- Genre: Drama
- Country of origin: Ireland
- Original language: English
- No. of seasons: 1
- No. of episodes: 10 (of which 5 were aired)

Original release
- Network: Raidió Teilifís Éireann (RTÉ)

= The Spike (TV series) =

The Spike is a controversial Irish drama television series, broadcast by Raidió Teilifís Éireann (RTÉ) in 1978. The ten-part series was set in a secondary school. The script was written by Patrick Gilligan who was a vocational school teacher.

==Reviews==
The series was negatively reviewed by critics who took issue with the poor script, bad acting and the clumsy thematic treatment. A review in The Irish Times stated that " this much publicized drama series has turned out to be so bad it must now be taken seriously". Dr Helena Sheehan, a lecturer in social history, wrote in 2002 that
There was little ground for anyone to stand on to defend it. Those who would have been willing to accept a critical perspective on the education system and explicit references to human sexuality were undercut by the clumsiness of the treatment of the issues, the superficiality of the characterisation and the immaturity of the underlying point of view.

==Controversy==
In episode five, "the briefest glimpse of naked flesh" caused outrage and angry phonecalls to newspapers.
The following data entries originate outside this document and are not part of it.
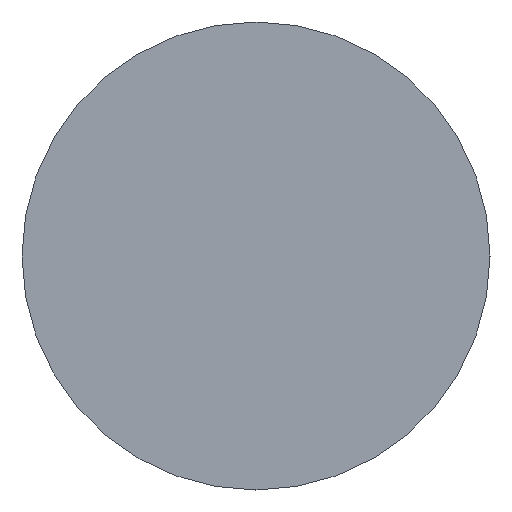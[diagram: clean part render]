
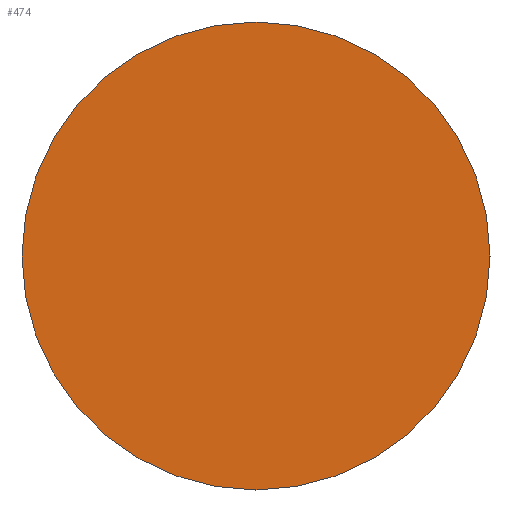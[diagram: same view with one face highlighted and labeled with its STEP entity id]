
A CAD part, left-side view. The second image highlights one B-rep face of the part: STEP entity #474.
In plain terms, the highlighted planar face has unit normal (-1, 0, 0).
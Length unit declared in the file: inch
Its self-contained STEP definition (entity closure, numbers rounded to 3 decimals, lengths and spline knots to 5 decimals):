
#16 = EDGE_CURVE ( 'NONE', #29, #447, #41, .T. ) ;
#21 = EDGE_LOOP ( 'NONE', ( #444, #509 ) ) ;
#29 = VERTEX_POINT ( 'NONE', #135 ) ;
#36 = CARTESIAN_POINT ( 'NONE',  ( -4., 0., 0. ) ) ;
#41 = CIRCLE ( 'NONE', #349, 0.125 ) ;
#108 = AXIS2_PLACEMENT_3D ( 'NONE', #36, #472, #559 ) ;
#135 = CARTESIAN_POINT ( 'NONE',  ( -4., 0., -0.125 ) ) ;
#203 = AXIS2_PLACEMENT_3D ( 'NONE', #586, #337, #493 ) ;
#252 = EDGE_CURVE ( 'NONE', #447, #29, #264, .T. ) ;
#264 = CIRCLE ( 'NONE', #108, 0.125 ) ;
#337 = DIRECTION ( 'NONE',  ( 1., 0., 0. ) ) ;
#349 = AXIS2_PLACEMENT_3D ( 'NONE', #409, #360, #560 ) ;
#360 = DIRECTION ( 'NONE',  ( -1., 0., 0. ) ) ;
#384 = CARTESIAN_POINT ( 'NONE',  ( -4., 0., 0.125 ) ) ;
#388 = FACE_OUTER_BOUND ( 'NONE', #21, .T. ) ;
#409 = CARTESIAN_POINT ( 'NONE',  ( -4., 0., 0. ) ) ;
#444 = ORIENTED_EDGE ( 'NONE', *, *, #252, .T. ) ;
#447 = VERTEX_POINT ( 'NONE', #384 ) ;
#472 = DIRECTION ( 'NONE',  ( -1., 0., 0. ) ) ;
#474 = ADVANCED_FACE ( 'NONE', ( #388 ), #487, .F. ) ;
#487 = PLANE ( 'NONE',  #203 ) ;
#493 = DIRECTION ( 'NONE',  ( 0., 0., -1. ) ) ;
#509 = ORIENTED_EDGE ( 'NONE', *, *, #16, .T. ) ;
#559 = DIRECTION ( 'NONE',  ( 0., 0., 1. ) ) ;
#560 = DIRECTION ( 'NONE',  ( 0., 0., 1. ) ) ;
#586 = CARTESIAN_POINT ( 'NONE',  ( -4., 0.125, 0. ) ) ;

The show's producer defended the nude streak as an intent "to examine the attitude of pupils and staff to nudity". The ensuing fuss led to one of the actors requiring medical treatment after he was, as the Evening Press elegantly phrased it, "thumped by a fat elderly lady". The episode sparked debate in Dáil Éireann and was condemned by the Taoiseach Jack Lynch, despite him having never seen the programme. On the day that the sixth episode was due to air with a story of a schoolboy bomber, it was axed. The remaining episodes remain locked away and have neither never been broadcast on RTÉ nor viewed by members of the general public. The Spike was later featured on RTÉ's scandal series, Scannal, with the Irish Independent naming it as one of their "Top 10 Worst Irish TV Programmes".